(WORK TASK): Print the lines that run from the line with "unit not read)" to the line with "colour RGB 247", keeping both end lines, exactly as they appear in the entries below, and nothing else.

(Records from a data source)
○ ○ ○

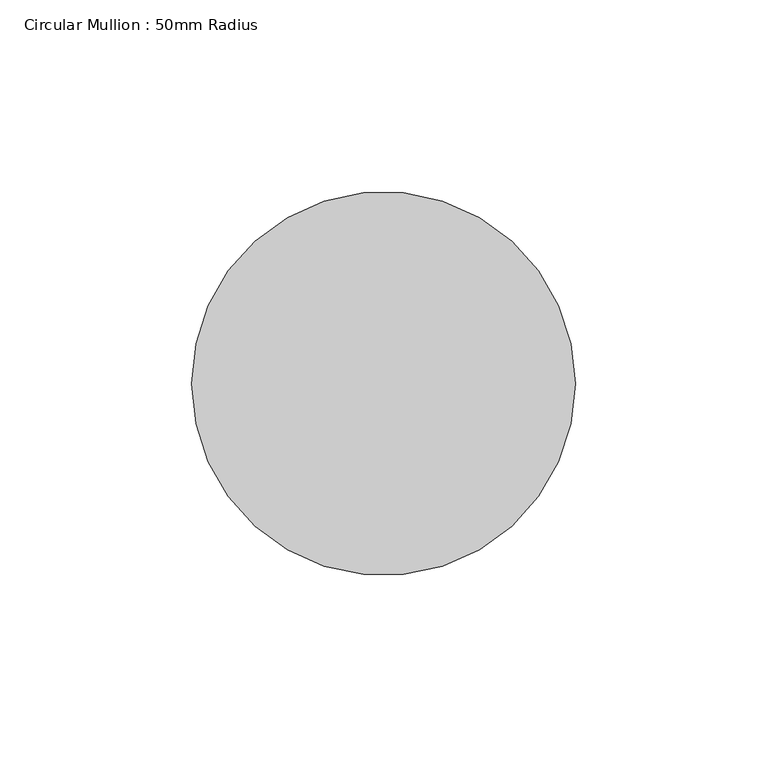
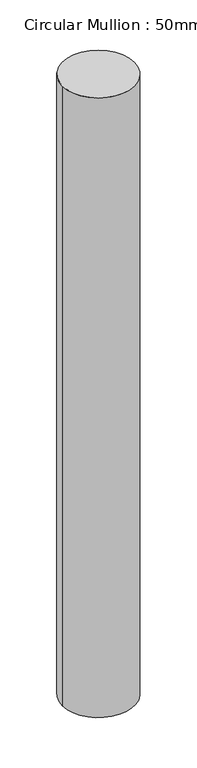
"""IFC4 building model written with IfcOpenShell, lengths in millimetres: member geometry, Circular Mullion : 50mm Radius."""

from ifc_helpers import new_model, si_unit, point, frame, origin, origin_2d, place, context, project, spatial, circle_curve, trimmed, segment, composite_curve, outline, extrude, source, transform, mapped, element, save


def circular_mullion_50mm_radius_ddca1b36(model_context):
    return source(origin(), model_context, "Body", "SweptSolid", [
        extrude(outline(composite_curve([segment(trimmed(circle_curve(origin_2d(), 50.0), [point((50.0, 0.0))], [point((-50.0, 0.0))], False, "CARTESIAN"), True, "CONTINUOUS"), segment(trimmed(circle_curve(origin_2d(), 50.0), [point((-50.0, 0.0))], [point((50.0, 0.0))], False, "CARTESIAN"), True, "CONTINUOUS")], self_intersect=False)), frame((0.0, 0.0, -909.7614818), z_axis=(0.0, 0.0, 1.0), x_axis=(1.0, 0.0, 0.0)), (0.0, 0.0, 1.0), 909.7614818),
    ])


if __name__ == "__main__":
    model = new_model("IFC4")
    model_context = context("Model", 3, world=origin())
    ifc_project = project(units=[si_unit("LENGTHUNIT", "METRE", prefix="MILLI")], contexts=[model_context])
    site = spatial("IfcSite", under=ifc_project)
    building = spatial("IfcBuilding", under=site)
    placement = place(None, origin())
    circular_mullion_50mm_radius_shape = circular_mullion_50mm_radius_ddca1b36(model_context)
    element("IfcMember", 1, ObjectType="Circular Mullion : 50mm Radius", at=placement, inside=building, context=model_context, shape_type="MappedRepresentation", body=[
        mapped(circular_mullion_50mm_radius_shape, transform((0.0, 0.0, 0.0), x_axis=(1.0, 0.0, 0.0), y_axis=(0.0, 1.0, 0.0), z_axis=(0.0, 0.0, 1.0))),
    ])
    save(model, "model.ifc")

# Revit data of these elements
# Type "Circular Mullion : 50mm Radius"
#   built-in parameter 1007350 = 0.164042 (stored number, unit not read)
# Element 1 (IfcMember, "Circular Mullion : 50mm Radius")
#   Materials on its faces: "Aluminium"
# Materials
#   "Aluminium": class "Metal", colour RGB 247 247 247, transparency 0, Description = "Aluminium 6061", Cost = 0
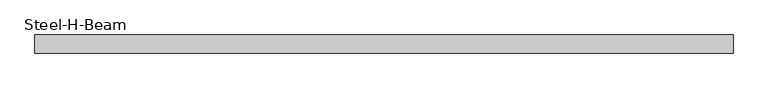
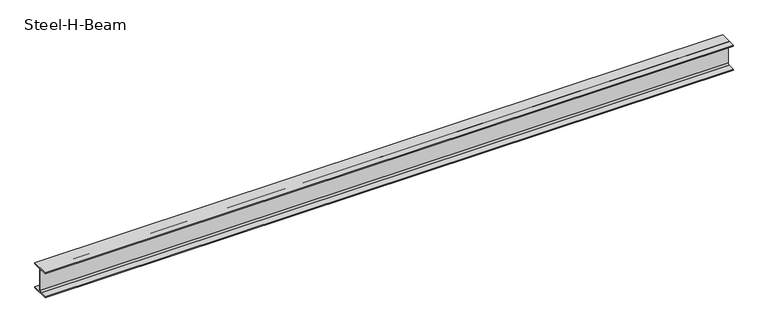
"""IFC4 building model written with IfcOpenShell, lengths in millimetres: beam geometry, Steel-H-Beam : BM121_H-294×200x8x12."""

from ifc_helpers import new_model, si_unit, point, frame, frame_2d, origin, place, context, project, spatial, polyline, circle_curve, trimmed, segment, composite_curve, outline, extrude, source, transform, mapped, element, save


def steel_h_beam_092dc31f(model_context):
    return source(origin(), model_context, "Body", "SweptSolid", [
        extrude(outline(composite_curve([segment(polyline([(100.0, -135.0), (100.0, -147.0), (-100.0, -147.0), (-100.0, -135.0), (-22.0, -135.0)]), True, "CONTINUOUS"), segment(trimmed(circle_curve(frame_2d((-22.0, -117.0)), 18.0), [point((-22.0, -135.0))], [point((-4.0, -117.0))], True, "CARTESIAN"), True, "CONTINUOUS"), segment(polyline([(-4.0, -117.0), (-4.0, 117.0)]), True, "CONTINUOUS"), segment(trimmed(circle_curve(frame_2d((-22.0, 117.0)), 18.0), [point((-4.0, 117.0))], [point((-22.0, 135.0))], True, "CARTESIAN"), True, "CONTINUOUS"), segment(polyline([(-22.0, 135.0), (-100.0, 135.0), (-100.0, 147.0), (100.0, 147.0), (100.0, 135.0), (22.0, 135.0)]), True, "CONTINUOUS"), segment(trimmed(circle_curve(frame_2d((22.0, 117.0)), 18.0), [point((22.0, 135.0))], [point((4.0, 117.0))], True, "CARTESIAN"), True, "CONTINUOUS"), segment(polyline([(4.0, 117.0), (4.0, -117.0)]), True, "CONTINUOUS"), segment(trimmed(circle_curve(frame_2d((22.0, -117.0)), 18.0), [point((4.0, -117.0))], [point((22.0, -135.0))], True, "CARTESIAN"), True, "CONTINUOUS"), segment(polyline([(22.0, -135.0), (100.0, -135.0)]), True, "CONTINUOUS")], self_intersect=False)), frame((-3684.2656766, 0.0, 0.0), z_axis=(1.0, 0.0, 0.0), x_axis=(0.0, 1.0, 0.0)), (0.0, 0.0, 1.0), 7684.2656766),
    ])


if __name__ == "__main__":
    model = new_model("IFC4")
    model_context = context("Model", 3, world=origin())
    ifc_project = project(units=[si_unit("LENGTHUNIT", "METRE", prefix="MILLI")], contexts=[model_context])
    site = spatial("IfcSite", under=ifc_project)
    building = spatial("IfcBuilding", under=site)
    placement = place(None, origin())
    steel_h_beam_shape = steel_h_beam_092dc31f(model_context)
    element("IfcBeam", 1, ObjectType="Steel-H-Beam : BM121_H-294×200x8x12", at=placement, inside=building, context=model_context, shape_type="MappedRepresentation", body=[
        mapped(steel_h_beam_shape, transform((0.0, 0.0, 0.0), x_axis=(1.0, 0.0, 0.0), y_axis=(0.0, 1.0, 0.0), z_axis=(0.0, 0.0, 1.0))),
    ])
    save(model, "model.ifc")

# Revit data of these elements
# Type "Steel-H-Beam : BM121_H-294×200x8x12"
#   Surface Area = 1.3411 m²/m
#   Section Area = 72.3812 cm²
#   Mass per Unit Length = 56.8193 kg/m
#   Length [instance default] = 3000 mm
#   B = 200 mm
#   H = 294 mm
#   r = 18 mm
#   tw = 8 mm
#   tf = 12 mm
#   hec_material4 [instance default] = none
#   hec_material3 [instance default] = none
#   hec_material2 [instance default] = none
#   hec_material1 [instance default] = none
#   Structural Material [instance default] = Steel, 45-345
#   Assembly Code = ""
# Element 1 (IfcBeam, "Steel-H-Beam : BM121_H-294×200x8x12")
#   hec_material3 = F01AC000-00002_Building/Shelter Fire Proofing Work_Intumescent Coating Type_1 hr. rating (UL 1709))
#   hec_material2 = S01AA010-00002_Main Steel Structure Fabrication Work_Shelter/Building_Steel Painting/Coating_for Fireproofed Steel Surface, Surface Preparation & Primer Coat
#   hec_material1 = S03AA028-00001_Main Steel Structure Erection Work_Shelter/Building_Medium Steel
#   Structural Material = S01AA002-00001_Main Steel Structure Fabrication Work_Shelter/Building_Medium Steel - Standard
#   Materials on its faces: "S01AA002-00001_Main Steel Structure Fabrication Work_Shelter/Building_Medium Steel - Standard"
# Materials
#   "Steel, 45-345": class "Metal", colour RGB 189 187 185, transparency 0, Description = "Steel 345 MPa", Cost = 0
#   "S01AA002-00001_Main Steel Structure Fabrication Work_Shelter/Building_Medium Steel - Standard": class "Metal", colour RGB 120 120 120, transparency 0, Comments = "(90KG/M>Weight≥30KG/M)", Description = "Structural steel 50ksi", W00) Work Master Code = "S01AA002-0001", W01) Work Master_Lv1 = "Main Steel Structure Fabrication Work", W02) Work Master_Lv2 = "Shelter/Building", W03) Work Master_Spec.1 = "Medium Steel - Standard (90KG/M>Weight≥30KG/M)", Cost = 0
#   "F01AC000-00002_Building/Shelter Fire Proofing Work_Intumescent Coating Type_1 hr. rating (UL 1709))": class "Metal", colour RGB 255 128 128, transparency 0, Description = "Paint finished steel", W00) Work Master Code = "F01AC000-00002", W01) Work Master_Lv1 = "Building/Shelter Fire Proofing Work", W02) Work Master_Lv2 = "Intumescent Coating Type", W03) Work Master_Spec.1 = "1 hr. rating (UL 1709)", Cost = 0
#   "S01AA010-00002_Main Steel Structure Fabrication Work_Shelter/Building_Steel Painting/Coating_for Fireproofed Steel Surface, Surface Preparation & Primer Coat": class "Metal", colour RGB 120 120 120, transparency 0, Description = "Paint finished steel", W00) Work Master Code = "SS01AA010-00002", W01) Work Master_Lv1 = "Main Steel Structure Fabrication Work", W02) Work Master_Lv2 = "Shelter/Building", W03) Work Master_Spec.1 = "Steel Painting/Coating", W04) Work Master_Spec.2 = "for Fireproofed Steel Surface, Surface Preparation & Primer Coat", Cost = 0
#   "S03AA028-00001_Main Steel Structure Erection Work_Shelter/Building_Medium Steel": class "Metal", colour RGB 120 120 120, transparency 0, Comments = "(90KG/M>Weight≥30KG/M)", Description = "Structural steel 50ksi", W00) Work Master Code = "S03AA028-0001", W01) Work Master_Lv1 = "Main Steel Structure Erection Work", W02) Work Master_Lv2 = "Shelter/Building", W03) Work Master_Spec.1 = "Medium Steel (90KG/M>Weight≥30KG/M)", Cost = 0

○ ○ ○

(SOLUTION FOR THIS TASK):
#   built-in parameter 1007350 = 0.164042 (stored number, unit not read)
# Element 1 (IfcMember, "Circular Mullion : 50mm Radius")
#   Materials on its faces: "Aluminium"
# Materials
#   "Aluminium": class "Metal", colour RGB 247 247 247, transparency 0, Description = "Aluminium 6061", Cost = 0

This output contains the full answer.